Here I’m using the duckplyr_df_from_file()
function to “read in” the data from a file, while the summarize and arrange methods are overwriting the functions from dplyr with the duckplyr version. This operation also takes ~3 seconds, and is much easier to read with the familiar dplyr tools you’re used to. Take a look at DuckDB’s blog post on duckplyr to really understand how this works.
library(tidyverse)
library(duckplyr)
res <-
duckplyr_df_from_file("dat.csv", table_function="read_csv") |>
summarize(
mean_value1 = mean(value1),
mean_value2 = mean(value2),
.by=id) |>
arrange(id)
res
Learning more
I recently wrote a short essay on Learning in Public. Something I’m trying to do more of.
The “benchmark” here was a simple and limited one, and I mostly used it as an excuse for me to learn a little about duckdb and how to integrate it into my workflow. In this benchmark I didn’t attempt to separate time spent reading data into memory versus time spent processing, and the “analysis” was a simple mean by group. I didn’t attempt to parallelize or optimize either the base R or dplyr approaches, and I didn’t do anything with data.table.
For more extensive benchmarks I’d recommend reading through a few of Appsilon’s recent posts on using duckdb in R, for huge data, and with Shiny:
There are also a few talks from last year’s posit::conf(2023) on using R with duckdb. Those talks are available on YouTube:
Kirill Müller — duckplyr: Tight Integration of duckdb with R and the tidyverse:
Hannes Mühleisen — In-Process Analytical Data Management with DuckDB:
Finally, Hannes Mühleisen (CEO, DuckDB Labs) gave a keynote at this year’s posit::conf(2024): Data Wrangling [for Python or R] Like a Boss With DuckDB. The talks from this year’s conference aren’t out yet. The talk’s abstract from the conference agenda is below.

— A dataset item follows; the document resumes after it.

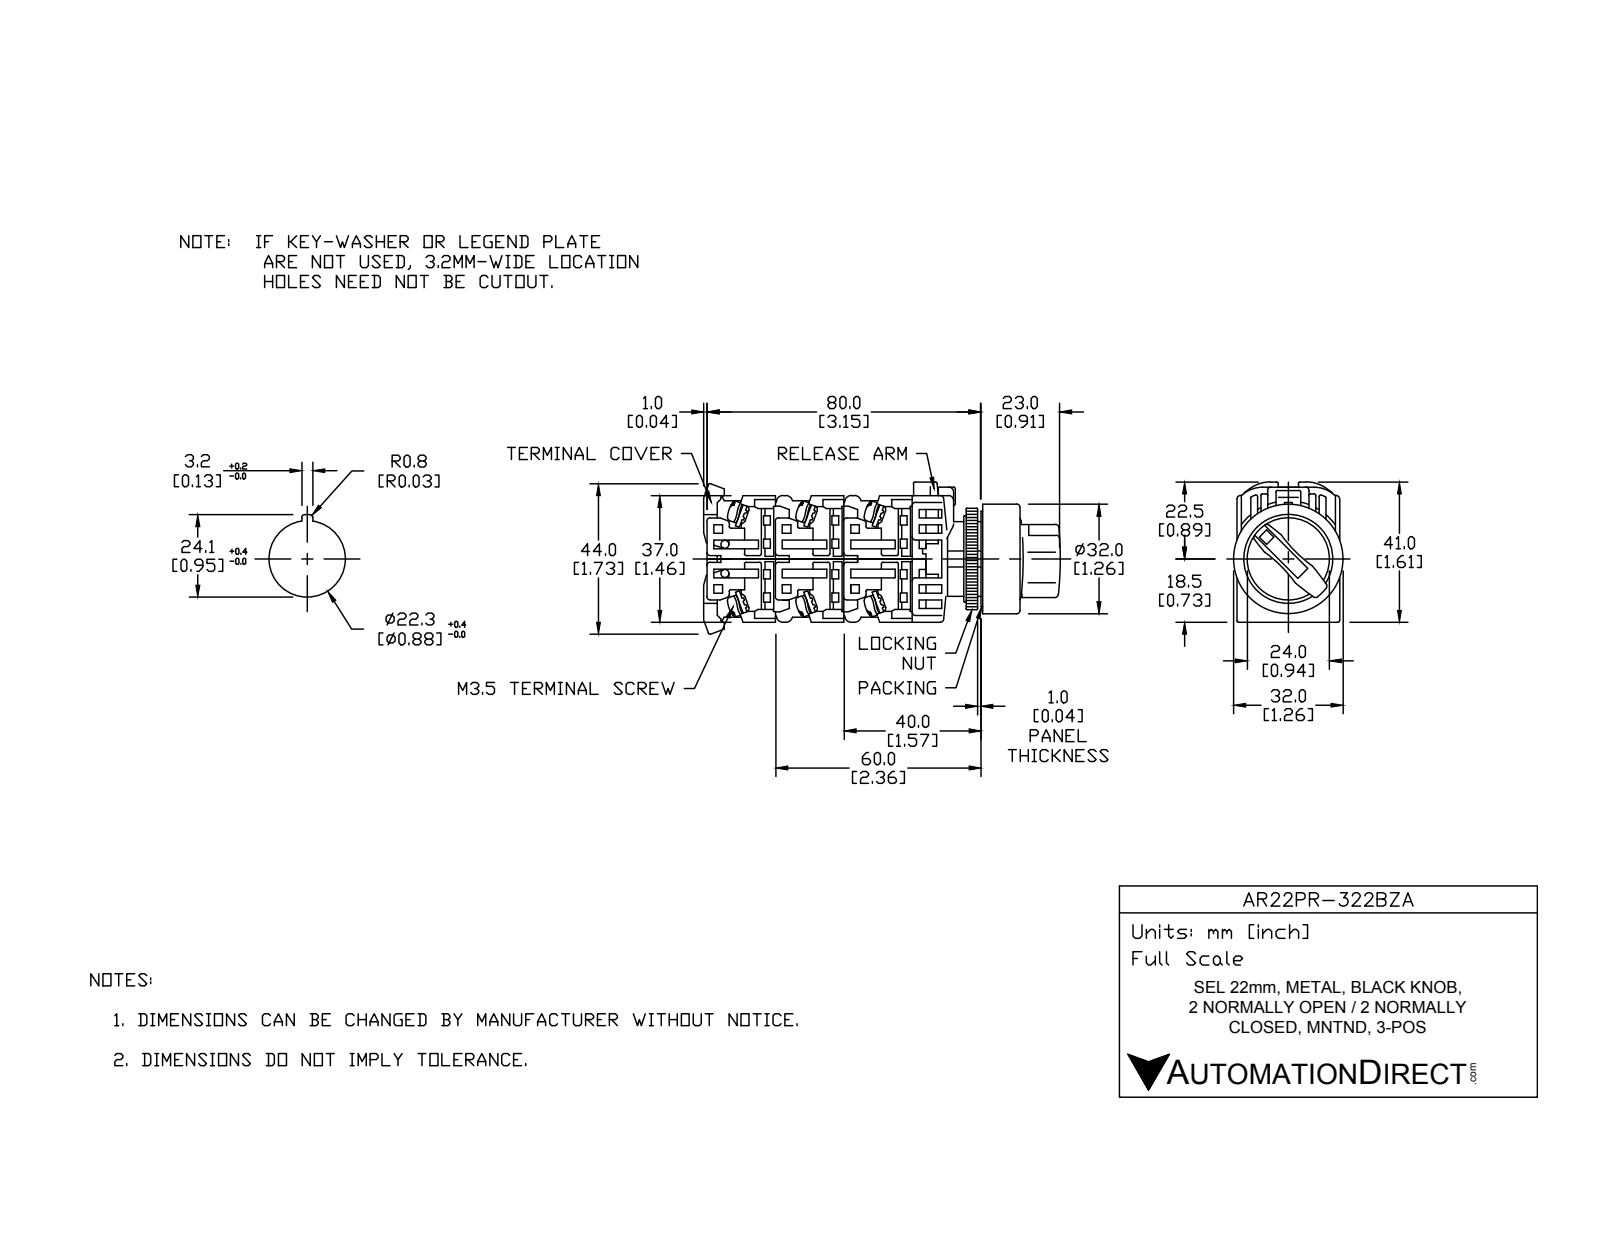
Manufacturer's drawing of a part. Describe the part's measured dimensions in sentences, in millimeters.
The part is named "AR22PR-322BZA". Its 3-D file was written by "SolidWorks 2017 (AUTOMOTIVE_DESIGN)". It is 18 solids with 463 faces: 317 planar, 118 cylindrical and 28 other. Overall it measures 64 by 43.81 by 32 millimeters. Its volume is 38 439 cubic millimeters and its surface area 24 800 square millimeters. Round holes: 1 of diameter 21.8, 1 of diameter 22, 1 of diameter 25, 1 of diameter 31. Round bosses or shafts: 4 of diameter 5, 1 of diameter 32, 1 of diameter 30.5, 1 of diameter 29.8, 1 of diameter 24, 1 of diameter 21.75, 1 of diameter 17. Partial cylindrical surfaces (rounded edges, fillets, slot ends): 39 of radius 0.5, 8 of radius 1.75, 6 of radius 1, 4 of radius 5, 2 of radius 4, 1 of radius 12, 1 of radius 16.59, 1 of radius 17.59. The main face-to-face distances are 1, 18, 3, 28.5, 48.5, 20, 29, 0.5, 21, 10.

Data wrangling is the thorny hedge that higher powers have placed in front of the enjoyable task of actually analyzing or visualizing data. Common struggles come from importing data from ill-mannered CSV files, the tedious task of orchestrating efficient data transformation, or the inevitable management of changes to tables. Data wrangling is rife with questionable ad-hoc solutions, which can sometimes even make things worse. The design rationale of DuckDB is to support the task of data wrangling by bringing the best of decades of data management research and best practices to the world of interactive data analysis in R or Python. For example, DuckDB has one of the world's most advanced CSV reader, native support for Parquet files and Arrow structures, an efficient parallel vectorized query processing engine, and support for efficient atomic updates to tables. All of this is wrapped up in a zero-dependency package available in a programming language near you for free. In my talk, I will discuss the above as well as the design rationale of DuckDB, which was designed and built in collaboration with the Data Science community in the first place.
Keep an eye out for whenever Posit announces the recordings are publicly available.
In the meantime, the workshop materials from posit::conf(2024) are available, including the “Databases in R” workshop, taught by Kirill Müller.
Workshop materials: https://github.com/posit-conf-2024/databases
Slides part 1: https://posit-conf-2024.github.io/databases/
Slides part 2: https://posit-conf-2024.github.io/databases/part-2
Slides part 3: https://posit-conf-2024.github.io/databases/part-3.html
Slides part 4: https://posit-conf-2024.github.io/databases/part-4.html
Note that the base R and dplyr implementations both read the data into working memory in R, whereas the duckdb solution does the analysis with data on disk without reading into memory. Additionally, this may not be the fairest comparison between base R’s aggregate()
and dplyr’s group_by() |> summarize()
, since I’m using base R’s read.csv()
in the base R section, which is slower than readr’s read_csv()
function that I use in the dplyr section. For the base R and dplyr methods, the I/O time counts toward the total.